## ASSIGNMENT:
For each line of the data that includes the word "building", copy the line.

## MATERIAL SUPPLIED:
:::::

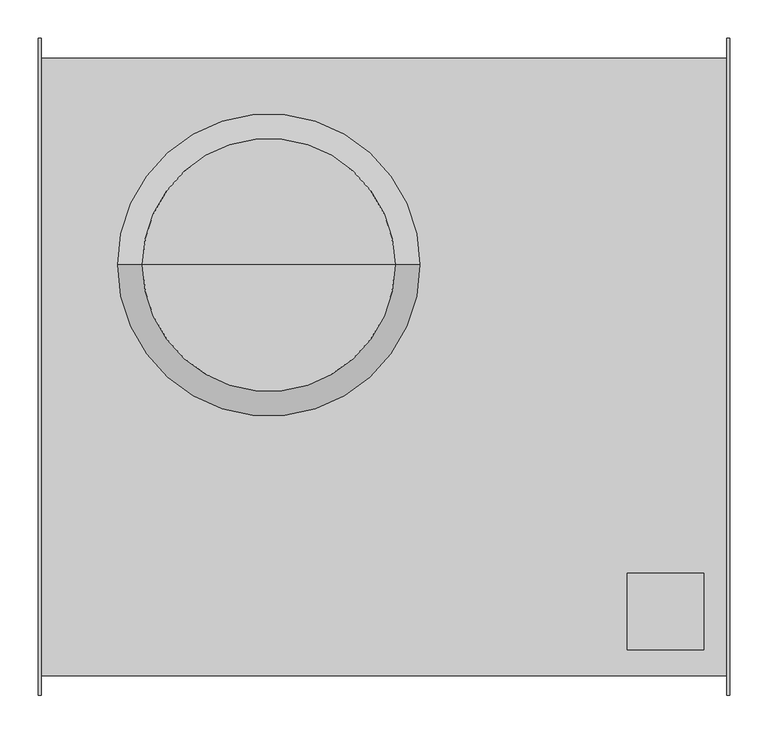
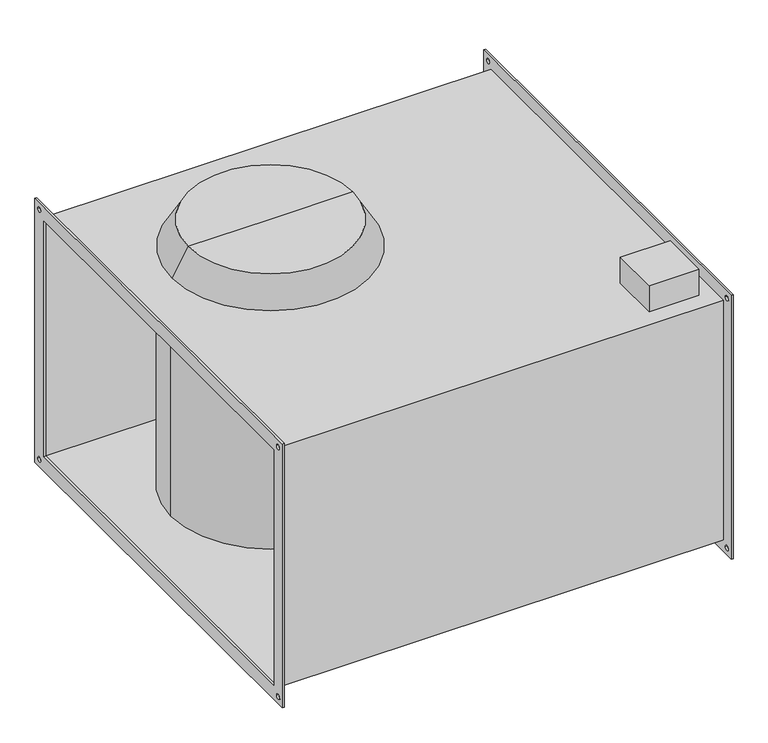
"""IFC4 building model written with IfcOpenShell, lengths in millimetres: proxy geometry."""

from ifc_helpers import new_model, si_unit, point, frame, frame_2d, origin, place, context, project, spatial, polyline, circle_curve, trimmed, segment, composite_curve, outline, extrude, source, transform, mapped, element, save
from ifc_brep_helpers import plane_surface, cylinder_surface, revolved_surface, advanced_brep


def mechanical_equipment_08a73665(model_context):
    return source(origin(), model_context, "Body", "SolidModel", [
        extrude(outline(polyline([(430.0, 280.0), (430.0, -280.0), (-430.0, -280.0), (-430.0, 280.0), (430.0, 280.0)]), holes=[polyline([(400.0, 250.0), (-400.0, 250.0), (-400.0, -250.0), (400.0, -250.0), (400.0, 250.0)]), composite_curve([segment(trimmed(circle_curve(frame_2d((415.0, 265.0)), 5.0), [point((410.0, 265.0))], [point((420.0, 265.0))], True, "CARTESIAN"), True, "CONTINUOUS"), segment(trimmed(circle_curve(frame_2d((415.0, 265.0)), 5.0), [point((420.0, 265.0))], [point((410.0, 265.0))], True, "CARTESIAN"), True, "CONTINUOUS")], self_intersect=False), composite_curve([segment(trimmed(circle_curve(frame_2d((-415.0, 265.0)), 5.0), [point((-420.0, 265.0))], [point((-410.0, 265.0))], True, "CARTESIAN"), True, "CONTINUOUS"), segment(trimmed(circle_curve(frame_2d((-415.0, 265.0)), 5.0), [point((-410.0, 265.0))], [point((-420.0, 265.0))], True, "CARTESIAN"), True, "CONTINUOUS")], self_intersect=False), composite_curve([segment(trimmed(circle_curve(frame_2d((-415.0, -265.0)), 5.0), [point((-420.0, -265.0))], [point((-410.0, -265.0))], True, "CARTESIAN"), True, "CONTINUOUS"), segment(trimmed(circle_curve(frame_2d((-415.0, -265.0)), 5.0), [point((-410.0, -265.0))], [point((-420.0, -265.0))], True, "CARTESIAN"), True, "CONTINUOUS")], self_intersect=False), composite_curve([segment(trimmed(circle_curve(frame_2d((415.0, -265.0)), 5.0), [point((410.0, -265.0))], [point((420.0, -265.0))], True, "CARTESIAN"), True, "CONTINUOUS"), segment(trimmed(circle_curve(frame_2d((415.0, -265.0)), 5.0), [point((420.0, -265.0))], [point((410.0, -265.0))], True, "CARTESIAN"), True, "CONTINUOUS")], self_intersect=False)]), frame((448.5, 0.0, 0.0), z_axis=(1.0, 0.0, 0.0), x_axis=(0.0, 1.0, 0.0)), (0.0, 0.0, 1.0), 4.0),
        extrude(outline(polyline([(-430.0, 280.0), (430.0, 280.0), (430.0, -280.0), (-430.0, -280.0), (-430.0, 280.0)]), holes=[polyline([(-400.0, 250.0), (-400.0, -250.0), (400.0, -250.0), (400.0, 250.0), (-400.0, 250.0)]), composite_curve([segment(trimmed(circle_curve(frame_2d((415.0, 265.0)), 5.0), [point((410.0, 265.0))], [point((420.0, 265.0))], True, "CARTESIAN"), True, "CONTINUOUS"), segment(trimmed(circle_curve(frame_2d((415.0, 265.0)), 5.0), [point((420.0, 265.0))], [point((410.0, 265.0))], True, "CARTESIAN"), True, "CONTINUOUS")], self_intersect=False), composite_curve([segment(trimmed(circle_curve(frame_2d((-415.0, 265.0)), 5.0), [point((-420.0, 265.0))], [point((-410.0, 265.0))], True, "CARTESIAN"), True, "CONTINUOUS"), segment(trimmed(circle_curve(frame_2d((-415.0, 265.0)), 5.0), [point((-410.0, 265.0))], [point((-420.0, 265.0))], True, "CARTESIAN"), True, "CONTINUOUS")], self_intersect=False), composite_curve([segment(trimmed(circle_curve(frame_2d((-415.0, -265.0)), 5.0), [point((-420.0, -265.0))], [point((-410.0, -265.0))], True, "CARTESIAN"), True, "CONTINUOUS"), segment(trimmed(circle_curve(frame_2d((-415.0, -265.0)), 5.0), [point((-410.0, -265.0))], [point((-420.0, -265.0))], True, "CARTESIAN"), True, "CONTINUOUS")], self_intersect=False), composite_curve([segment(trimmed(circle_curve(frame_2d((415.0, -265.0)), 5.0), [point((410.0, -265.0))], [point((420.0, -265.0))], True, "CARTESIAN"), True, "CONTINUOUS"), segment(trimmed(circle_curve(frame_2d((415.0, -265.0)), 5.0), [point((420.0, -265.0))], [point((410.0, -265.0))], True, "CARTESIAN"), True, "CONTINUOUS")], self_intersect=False)]), frame((-452.5, 0.0, 0.0), z_axis=(1.0, 0.0, 0.0), x_axis=(0.0, 1.0, 0.0)), (0.0, 0.0, 1.0), 4.0),
        advanced_brep(
        [(-150.8333333, 133.3333333, 310.0), (-316.1923172, 133.3333333, 310.0), (14.5256505, 133.3333333, 310.0), (-350.8333333, 133.3333333, 250.0), (-350.8333333, 133.3333333, -250.0), (49.1666667, 133.3333333, -250.0), (49.1666667, 133.3333333, 250.0), (448.5, -404.0, 254.0), (448.5, -404.0, -254.0), (448.5, 404.0, -254.0), (448.5, 404.0, 254.0), (448.5, 400.0, 250.0), (448.5, 400.0, -250.0), (448.5, -400.0, -250.0), (448.5, -400.0, 250.0), (-448.5, -404.0, 254.0), (-448.5, 404.0, 254.0), (-448.5, 404.0, -254.0), (-448.5, -404.0, -254.0), (-448.5, 400.0, 250.0), (-448.5, -400.0, 250.0), (-448.5, -400.0, -250.0), (-448.5, 400.0, -250.0), (318.5, -270.0, 254.0), (418.5, -270.0, 254.0), (418.5, -370.0, 254.0), (318.5, -370.0, 254.0), (46.8572656, 133.3333333, 254.0), (-348.5239323, 133.3333333, 254.0), (418.5, -270.0, 310.0), (318.5, -270.0, 310.0), (318.5, -370.0, 310.0), (418.5, -370.0, 310.0)],
        [
            (0, 1),
            (1, 2, circle_curve(frame((-150.8333333, 133.3333333, 310.0), z_axis=(0.0, 0.0, 1.0), x_axis=(-1.0, 0.0, 0.0)), 165.3589838)),
            (2, 0),
            (2, 1, circle_curve(frame((-150.8333333, 133.3333333, 310.0), z_axis=(0.0, 0.0, 1.0), x_axis=(-1.0, 0.0, 0.0)), 165.3589838)),
            (3, 4),
            (4, 5, circle_curve(frame((-150.8333333, 133.3333333, -250.0), z_axis=(0.0, 0.0, 1.0), x_axis=(-1.0, 0.0, 0.0)), 200.0)),
            (5, 6),
            (6, 3, circle_curve(frame((-150.8333333, 133.3333333, 250.0), z_axis=(0.0, 0.0, -1.0), x_axis=(-1.0, 0.0, 0.0)), 200.0)),
            (3, 6, circle_curve(frame((-150.8333333, 133.3333333, 250.0), z_axis=(0.0, 0.0, -1.0), x_axis=(-1.0, 0.0, 0.0)), 200.0)),
            (5, 4, circle_curve(frame((-150.8333333, 133.3333333, -250.0), z_axis=(0.0, 0.0, 1.0), x_axis=(-1.0, 0.0, 0.0)), 200.0)),
            (7, 8),
            (8, 9),
            (9, 10),
            (10, 7),
            (11, 12),
            (12, 13),
            (13, 14),
            (14, 11),
            (15, 16),
            (16, 17),
            (17, 18),
            (18, 15),
            (19, 20),
            (20, 21),
            (21, 22),
            (22, 19),
            (11, 19),
            (22, 12),
            (21, 13),
            (20, 14),
            (7, 15),
            (18, 8),
            (17, 9),
            (16, 10),
            (23, 24),
            (24, 25),
            (25, 26),
            (26, 23),
            (27, 28, circle_curve(frame((-150.8333333, 133.3333333, 254.0), z_axis=(0.0, 0.0, -1.0), x_axis=(-1.0, 0.0, 0.0)), 197.6905989)),
            (28, 27, circle_curve(frame((-150.8333333, 133.3333333, 254.0), z_axis=(0.0, 0.0, -1.0), x_axis=(-1.0, 0.0, 0.0)), 197.6905989)),
            (29, 30),
            (30, 31),
            (31, 32),
            (32, 29),
            (29, 24),
            (23, 30),
            (26, 31),
            (25, 32),
            (1, 28),
            (27, 2),
        ],
        [
            plane_surface(frame((-150.8333333, 133.3333333, 310.0), z_axis=(0.0, 0.0, 1.0), x_axis=(-1.0, 0.0, 0.0))),
            cylinder_surface(frame((-150.8333333, 133.3333333, 2422.3096565), z_axis=(0.0, 0.0, 1.0), x_axis=(-1.0, 0.0, 0.0)), 200.0),
            plane_surface(frame((448.5, 400.0, -250.0), z_axis=(1.0, 0.0, 0.0), x_axis=(0.0, 0.0, -1.0))),
            plane_surface(frame((-448.5, 400.0, -250.0), z_axis=(-1.0, 0.0, 0.0), x_axis=(0.0, 0.0, 1.0))),
            plane_surface(frame((448.5, 400.0, 250.0), z_axis=(0.0, -1.0, 0.0), x_axis=(-1.0, 0.0, 0.0))),
            plane_surface(frame((448.5, 400.0, -250.0), z_axis=(0.0, 0.0, 1.0), x_axis=(-1.0, 0.0, 0.0))),
            plane_surface(frame((448.5, -400.0, -250.0), z_axis=(0.0, 1.0, 0.0), x_axis=(-1.0, 0.0, 0.0))),
            plane_surface(frame((448.5, -400.0, 250.0), z_axis=(0.0, 0.0, -1.0), x_axis=(-1.0, 0.0, 0.0))),
            plane_surface(frame((448.5, -404.0, 254.0), z_axis=(0.0, -1.0, 0.0), x_axis=(-1.0, 0.0, 0.0))),
            plane_surface(frame((448.5, -404.0, -254.0), z_axis=(0.0, 0.0, -1.0), x_axis=(-1.0, 0.0, 0.0))),
            plane_surface(frame((448.5, 404.0, -254.0), z_axis=(0.0, 1.0, 0.0), x_axis=(-1.0, 0.0, 0.0))),
            plane_surface(frame((448.5, 404.0, 254.0), z_axis=(0.0, 0.0, 1.0), x_axis=(-1.0, 0.0, 0.0))),
            plane_surface(frame((318.5, -270.0, 310.0), z_axis=(0.0, 0.0, 1.0), x_axis=(-1.0, 0.0, 0.0))),
            plane_surface(frame((418.5, -270.0, 310.0), z_axis=(0.0, 1.0, 0.0), x_axis=(0.0, 0.0, -1.0))),
            plane_surface(frame((318.5, -270.0, 310.0), z_axis=(-1.0, 0.0, 0.0), x_axis=(0.0, 0.0, -1.0))),
            plane_surface(frame((318.5, -370.0, 310.0), z_axis=(0.0, -1.0, 0.0), x_axis=(0.0, 0.0, -1.0))),
            plane_surface(frame((418.5, -370.0, 310.0), z_axis=(1.0, 0.0, 0.0), x_axis=(0.0, 0.0, -1.0))),
            revolved_surface(polyline([(-350.8333333, 133.3333333, 250.0), (-316.1923172, 133.3333333, 310.0)]), (-150.8333333, 133.3333333, 2422.3096565), (0.0, 0.0, 1.0)),
        ],
        [
            (0, [[1, 2, 3]]),
            (0, [[-1, -3, 4]]),
            (1, [[5, 6, 7, 8]]),
            (1, [[-5, 9, -7, 10]]),
            (2, [[11, 12, 13, 14], [15, 16, 17, 18]]),
            (3, [[19, 20, 21, 22], [23, 24, 25, 26]]),
            (4, [[-15, 27, -26, 28]]),
            (5, [[-16, -28, -25, 29], [-6, -10]]),
            (6, [[-17, -29, -24, 30]]),
            (7, [[-18, -30, -23, -27], [-8, -9]]),
            (8, [[-11, 31, -22, 32]]),
            (9, [[-12, -32, -21, 33]]),
            (10, [[-13, -33, -20, 34]]),
            (11, [[-14, -34, -19, -31], [35, 36, 37, 38], [39, 40]]),
            (12, [[41, 42, 43, 44]]),
            (13, [[-41, 45, -35, 46]]),
            (14, [[-42, -46, -38, 47]]),
            (15, [[-43, -47, -37, 48]]),
            (16, [[-44, -48, -36, -45]]),
            (17, [[-2, 49, -39, 50]]),
            (17, [[-4, -50, -40, -49]]),
        ],
    ),
    ])


if __name__ == "__main__":
    model = new_model("IFC4")
    model_context = context("Model", 3, world=origin())
    ifc_project = project(units=[si_unit("LENGTHUNIT", "METRE", prefix="MILLI")], contexts=[model_context])
    site = spatial("IfcSite", under=ifc_project)
    building = spatial("IfcBuilding", under=site)
    placement = place(None, origin())
    mechanical_equipment_shape = mechanical_equipment_08a73665(model_context)
    element("IfcBuildingElementProxy", 1, Name="Mechanical Equipment", at=placement, inside=building, context=model_context, shape_type="MappedRepresentation", body=[
        mapped(mechanical_equipment_shape, transform((0.0, 0.0, 0.0), x_axis=(1.0, 0.0, 0.0), y_axis=(0.0, 1.0, 0.0), z_axis=(0.0, 0.0, 1.0))),
    ])
    save(model, "model.ifc")

:::::

## EXPECTED OUTPUT:
"""IFC4 building model written with IfcOpenShell, lengths in millimetres: proxy geometry."""
    building = spatial("IfcBuilding", under=site)
    element("IfcBuildingElementProxy", 1, Name="Mechanical Equipment", at=placement, inside=building, context=model_context, shape_type="MappedRepresentation", body=[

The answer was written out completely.